Martyrs and Migrants: Coptic Christians and the Persecution Politics of US Empire
A Crown Seminar with Candace Lukasik
January 22, 2025
A recording of this Seminar is available to watch on our YouTube channel.
Coptic Orthodox Christians are the largest and among the oldest Christian communities in the Middle East. Recent ISIS-linked attacks on Copts have drawn global attention, prompting U.S. politicians, think tanks, and NGOs to focus on “saving” these Middle Eastern Christians from Muslims. In this Crown Seminar, Candace Lukasik, in conversation with Zainab Saleh, will explore the impact of American perceptions of global Christian persecution on Coptic collective memory of martyrdom.
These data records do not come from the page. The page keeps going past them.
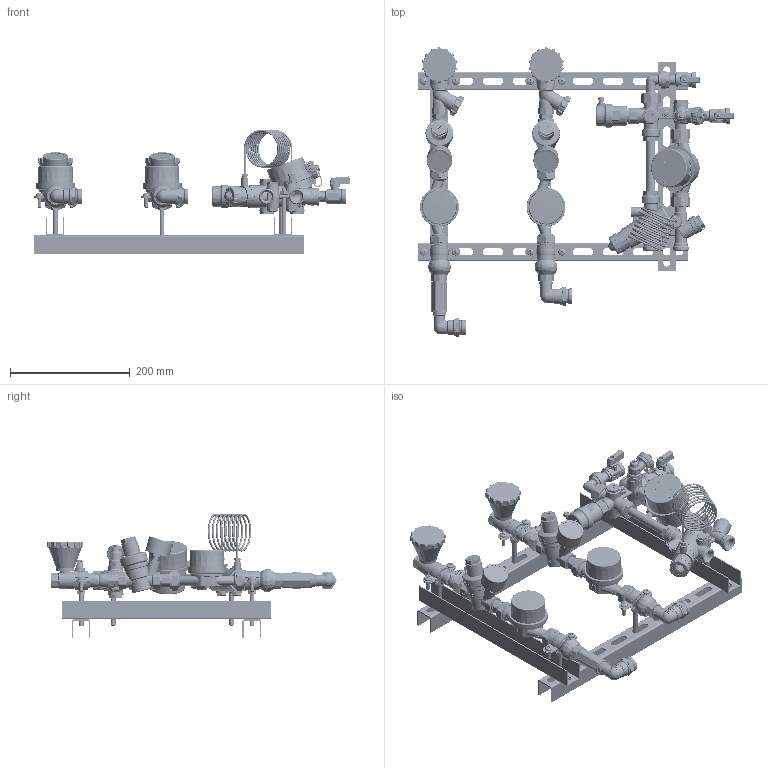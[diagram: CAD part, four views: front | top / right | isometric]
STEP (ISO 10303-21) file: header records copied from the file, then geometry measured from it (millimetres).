
FILE_DESCRIPTION(('STEP AP242'), '1');
FILE_NAME('覆.494726.026.000 捘 - VT.LM.HD.A0', '', ('UNSPECIFIED'), ('UNSPECIFIED'), 'C3D Converter', 'C3D Toolkit', '');
FILE_SCHEMA(('AP242_MANAGED_MODEL_BASED_3D_ENGINEERING_MIM_LF { 1 0 10303 442 1 1 4 }'));
Length unit declared in the file: millimetre
Products named in the file (230): ВР.494726.026.000 СБ; ВР.494726.024.000 СБ; ВР.494726.002.001 СБ; ВР.130300.003; ВР.407223.001.000 СБ; ВР.407223.001.002 СБ; ВР.731464.002; ВР.753182.016; ВР.714411.001; ВР.715113.003; ВР.407223.001.002.002 СБ; ВР.753192.014; ВР.715113.002; ВР.711141.021; ВР.713121.002; ВР.711141.022; ВР.407223.001.002.001 СБ; ВР.753181.009; ВР.713141.002; ВР.711141.023; ВР.711242.002; ВР.725113.002; ВР.752676.002; ВР.711123.001; ВР.407223.001.002.003 СБ; ВР.753125.009; ВР.712351.012; ВР.407223.001.001 СБ; ВР.407223.001.001.001 СБ; ВР.753191.017; ВР.741334.001; ВР.711112.001; ВР.711112.002; ВР.753191.016; ВР.714313.001; ВР.741331.001; ВР.714341.001; ВР.714621.003; ВР.305321.001.000 СБ; ВР.712351.001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
Assembly tree (292 placements, depth 8):
  ВР.494726.026.000 СБ
    ВР.494726.024.000 СБ
      ВР.494726.002.001 СБ
        ВР.130300.003
        ВР.407223.001.000 СБ
          ВР.407223.001.002 СБ
            ВР.731464.002
            ВР.753182.016
            ВР.714411.001
              ВР.715113.003
            ВР.407223.001.002.002 СБ
              ВР.753192.014
                ВР.715113.002
              ВР.711141.021
              ВР.713121.002
            ВР.711141.022
            ВР.407223.001.002.001 СБ
              ВР.753181.009
              ВР.713141.002
            (unnamed)
            ВР.711141.023
            ВР.711242.002
            ВР.725113.002
            ВР.752676.002
            ВР.711123.001  x2
            ВР.407223.001.002.003 СБ
              ВР.753125.009
              (unnamed)
          ВР.712351.012
          ВР.407223.001.001 СБ
            ВР.407223.001.001.001 СБ
              ВР.753191.017
              ВР.741334.001
              ВР.711112.001
            ВР.711112.002
            ВР.753191.016
            (unnamed)
            ВР.714313.001
            ВР.741331.001
            (unnamed)  x3
            ВР.714341.001  x2
            ВР.714621.003
        ВР.305321.001.000 СБ  x2
          ВР.712351.001
          ВР.714671.001
        ВР.758422.004  x2
        ВР.494726.002.001.002 СБ
          ВР.731371.001
          ВР.725140.002
          (unnamed)
            ВР.753125.023
            (unnamed)
          ВР.758421.046
          ВР.753612.008
          ВР.305319.007.000 СБ
            ВР.753125.011
            (unnamed)
          ВР.305319.008.000 СБ  x2
            ВР.753125.012
            (unnamed)
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Bounding box: 526.92 x 483.5 x 207.51 mm (x, y, z)
Volume: 1528178.3 mm3; surface area: 1189373.7 mm2
Topology: 344 solids, 348 shells, 27594 faces, 74438 edges, 49015 vertices
Faces by surface type: plane 10705, extrusion 7697, cylinder 5802, cone 1554, bspline 1011, torus 743, sphere 82
Full cylindrical faces by diameter (mm): 0.4 x4, 0.6 x23, 0.7 x2, 0.8 x12, 1 x12, 1.1 x308, 1.2 x23, 1.3 x15, 1.5 x54, 1.55 x2, 1.6 x22, 1.66 x4, 1.7 x3, 1.8 x10, 1.9 x5, 2 x33, 2.1 x3, 2.2 x11, 2.3 x2, 2.4 x2, 2.5 x10, 2.8 x1, 3 x74, 3.1 x2, 3.242 x2, 3.4 x34, 3.5 x12, 3.6 x5, 3.8 x5, 3.9 x1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
Entity records: 719290 total; most frequent: CARTESIAN_POINT 346521, ORIENTED_EDGE 77286, DIRECTION 59204, EDGE_CURVE 38645, VERTEX_POINT 26210, VECTOR 22158, AXIS2_PLACEMENT_3D 18523, EDGE_LOOP 18217

Drawing from her forthcoming book, Martyrs and Migrants: Coptic Christians and the Persecution Politics of US Empire (NYU Press, 2025), Lukasik will analyze how the interaction between American conservatives and Copts has shaped a new kind of Christian kinship in blood, marked by both glorification and racialization.
Candace Lukasik is Assistant Professor of Religion and affiliated with Anthropology and Middle Eastern Cultures at Mississippi State University and Faculty Leave Fellow at the Crown Center.
Zainab Saleh is Associate Professor of Anthropology and the Koshland Director of John B. Hurford ’60 Center for the Arts and Humanities at Haverford College.